Für den Willen des Volkes
Gustav Heinemann machte sein Gewissen zum Richtmaß der Politik. Als Innenminister eckte er bei Kanzler Adenauer bald an
Portrait Eduard KoppLena Uphoff
18.01.2011

Es ist die Geschichte eines politischen Konflikts, der viel über evangelische Ethik und Verantwortung aussagt. Am 15. September 1949 war Konrad Adenauer zum ersten Kanzler der Bundesrepublik Deutschland gewählt worden. Sein Kabinett wollte er mehrheitlich mit Katholiken besetzen. Das sorgte in der Unionsfraktion für Unmut unter den evangelischen Abgeordneten. Widerwillig ernannte Adenauer daraufhin den evangelischen Essener Ober­bügermeister und Rechtsanwalt Gustav Heinemann zum Innenminister.

So recht vertraute er ihm indes nicht. Und das hatte viele Gründe: Heinemann hing sehr am Ahlener Programm der CDU von 1947, das einen christlichen Sozialismus und eine Verstaatlichung von Berg­-bau und Schlüsselindustrien propagierte (die Partei allerdings vollzog schon zwei Jahre später eine Kehrtwende zur sozialen Marktwirtschaft). Heinemann stammte aus einer bürgerlich-liberalen Familie, war juristisch geschult und gewieft, bereits in der Nazizeit ein gesuchter Rechtsberater der Bekennenden Kirche. Kurz: ein eigenständiger, oft eigenwilliger Denker. Seit 1949 auch Präses der EKD-Synode, hielt er an einer gesamtdeutschen Politik fest, Adenauer hingegen versuchte, die Westintegration voranzutreiben - gegen die DDR und ihre sowjetischen Besatzer.

Mit untrüglichem Gespür sah Adenauer voraus, dass Gustav Heinemann das von ihm geschürte Feindbild Moskau/Kommunismus durchschaute und ablehnen würde. Und er versuchte, ihn als Minister bis zuletzt zu verhindern. Im direkten Gespräch mit Heinemann betonte er, wie wichtig dessen kirchliche Ämter für die Einbindung der Protestanten in die CDU seien, in der Fraktion hingegen sprach Adenauer von einer Unvereinbarkeit beider Ämter. Offensichtlich spekulierte er darauf, dass Heinemann von sich aus auf das Ministeramt verzichten werde. Ohne die kirchlichen Ämter wiederum wäre er als Ministerkandidat nicht mehr interessant. Doch Adenauers Taktik scheiterte, die Fraktion sprach sich für Heinemann aus. Krach war damit vorgezeichnet.

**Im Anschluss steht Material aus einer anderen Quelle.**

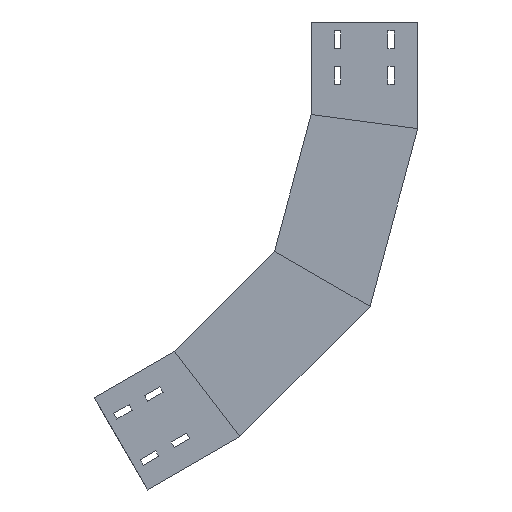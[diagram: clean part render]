
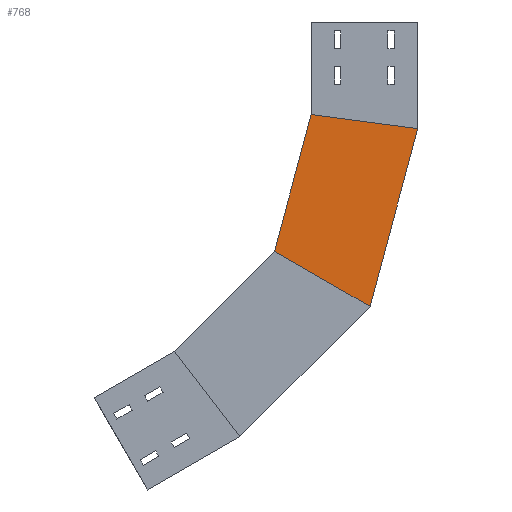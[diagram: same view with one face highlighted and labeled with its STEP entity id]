
A CAD part, left-side view. The second image highlights one B-rep face of the part: STEP entity #768.
In plain terms, the highlighted planar face has unit normal (-1, 0, 0) as drawn and (1, 0, 0) by its records, which use the part's own axes.
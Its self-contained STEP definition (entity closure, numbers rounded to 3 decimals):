
#101 = EDGE_CURVE ( 'NONE', #242, #1539, #264, .T. ) ;
#127 = PLANE ( 'NONE',  #1388 ) ;
#132 = EDGE_CURVE ( 'NONE', #653, #1539, #624, .T. ) ;
#242 = VERTEX_POINT ( 'NONE', #679 ) ;
#264 = LINE ( 'NONE', #436, #520 ) ;
#320 = EDGE_CURVE ( 'NONE', #392, #653, #1193, .T. ) ;
#392 = VERTEX_POINT ( 'NONE', #1383 ) ;
#407 = ORIENTED_EDGE ( 'NONE', *, *, #132, .F. ) ;
#436 = CARTESIAN_POINT ( 'NONE',  ( 0., 67.034, -400.175 ) ) ;
#520 = VECTOR ( 'NONE', #1106, 1000. ) ;
#545 = CARTESIAN_POINT ( 'NONE',  ( 0., 125.087, -366.658 ) ) ;
#624 = LINE ( 'NONE', #1307, #846 ) ;
#653 = VERTEX_POINT ( 'NONE', #903 ) ;
#679 = CARTESIAN_POINT ( 'NONE',  ( 0., 67.034, -400.175 ) ) ;
#746 = LINE ( 'NONE', #545, #747 ) ;
#747 = VECTOR ( 'NONE', #1923, 1000. ) ;
#768 = ADVANCED_FACE ( 'NONE', ( #2209 ), #127, .F. ) ;
#824 = ORIENTED_EDGE ( 'NONE', *, *, #101, .T. ) ;
#841 = DIRECTION ( 'NONE',  ( -1., 0., 0. ) ) ;
#846 = VECTOR ( 'NONE', #1998, 1000. ) ;
#853 = DIRECTION ( 'NONE',  ( 0., 0.707, -0.707 ) ) ;
#903 = CARTESIAN_POINT ( 'NONE',  ( 0., 342.277, -463.286 ) ) ;
#987 = DIRECTION ( 'NONE',  ( 0., 0., 1. ) ) ;
#998 = ORIENTED_EDGE ( 'NONE', *, *, #1334, .T. ) ;
#1106 = DIRECTION ( 'NONE',  ( 0., 0.707, -0.707 ) ) ;
#1193 = LINE ( 'NONE', #1394, #1354 ) ;
#1225 = EDGE_LOOP ( 'NONE', ( #1550, #998, #824, #407 ) ) ;
#1307 = CARTESIAN_POINT ( 'NONE',  ( 0., 270.755, -556.495 ) ) ;
#1334 = EDGE_CURVE ( 'NONE', #392, #242, #746, .T. ) ;
#1354 = VECTOR ( 'NONE', #853, 1000. ) ;
#1383 = CARTESIAN_POINT ( 'NONE',  ( 0., 201.52, -322.529 ) ) ;
#1388 = AXIS2_PLACEMENT_3D ( 'NONE', #2197, #841, #987 ) ;
#1394 = CARTESIAN_POINT ( 'NONE',  ( 0., 173.1, -294.109 ) ) ;
#1539 = VERTEX_POINT ( 'NONE', #2021 ) ;
#1550 = ORIENTED_EDGE ( 'NONE', *, *, #320, .F. ) ;
#1923 = DIRECTION ( 'NONE',  ( 0., -0.866, -0.5 ) ) ;
#1998 = DIRECTION ( 'NONE',  ( 0., -0.609, -0.793 ) ) ;
#2021 = CARTESIAN_POINT ( 'NONE',  ( 0., 250.175, -583.315 ) ) ;
#2197 = CARTESIAN_POINT ( 'NONE',  ( 0., 67.034, -400.175 ) ) ;
#2209 = FACE_OUTER_BOUND ( 'NONE', #1225, .T. ) ;

Für Heinemann war es ein Vertrauensbruch sondergleichen

Und er kam. Zunächst in einer derben Kritik Adenauers daran, dass Heinemann die EKD-Synode im April 1950 nach Berlin-Weißensee, also in den Ostsektor der Stadt, eingeladen hatte. Zwei Tage vor Synodenbeginn forderte der Kanzler, die Einladung rückgängig zu machen. Der entscheidende Eklat stand da noch bevor: Hinter dem ­Rücken der Kabinettsmitglieder betrieb Adenauer im August die Wiederbewaffnung Deutschlands, bot den Westmächten den Aufbau deutscher Divisionen für eine europäische Armee an - für Heinemann ein Vertrauensbruch sondergleichen. Die meisten Kabinettsmitglieder erfuhren ­diese Nachricht aus der Presse. Als Heinemann die Kabinettssitzung vom 31. August 1950 einmal kurz verließ, um Adenauers bislang geheimes "Sicherheitsmemorandum" an die Westmächte zu lesen, nutzte der die Gelegenheit gezielt aus, um das ­Kabinett gegen ihn auf Kurs zu bringen.

Heinemann befürchtete, ein deutsches Militärkontingent werde die Russen nicht aufhalten, sondern in Marsch setzen. Zu groß sei deren "Angst vor der Einkreisung" (November 1950). Er stützte sich auch auf eine Friedenskundgebung der EKD-Synode vom April, in der es hieß: "Noch ist der ­letzte Krieg nicht beendet, und schon wird wieder zum Krieg gerüstet...Wir ­beschwören die Regierungen und Vertretungen unseres Volkes, sich durch keine Macht der Welt in den Wahn treiben zu lassen, als ob ein Krieg eine Lösung und Wende unserer Not bringen könnte."

Am 9. Oktober 1950 trat Heinemann, verletzt durch die Unaufrichtigkeit Ade­nauers und politisch zunehmend ­isoliert, als Minister zurück. Die kirchliche Bruderschaft im Rheinland, ein Zusammenschluss von Mitgliedern der Bekennenden Kirche, fragte die EKD im November 1950 in einer Erklärung: "War es recht, Dr. ­Heinemann bei seinem Rücktritt kirchlicherseits in der Öffentlichkeit weithin allein zu lassen?"

Im gleichen Monat stellte die gesamtdeutsche Kirchenkonferenz salomonisch fest: Die Frage der Wiederaufrüstung könne aus dem Glauben verschieden beantwortet werden. Sie dürfe aber nicht gegen den Willen des Volkes entschieden werden. Dieser "Wille des Volkes" wurde jedoch nicht erhoben.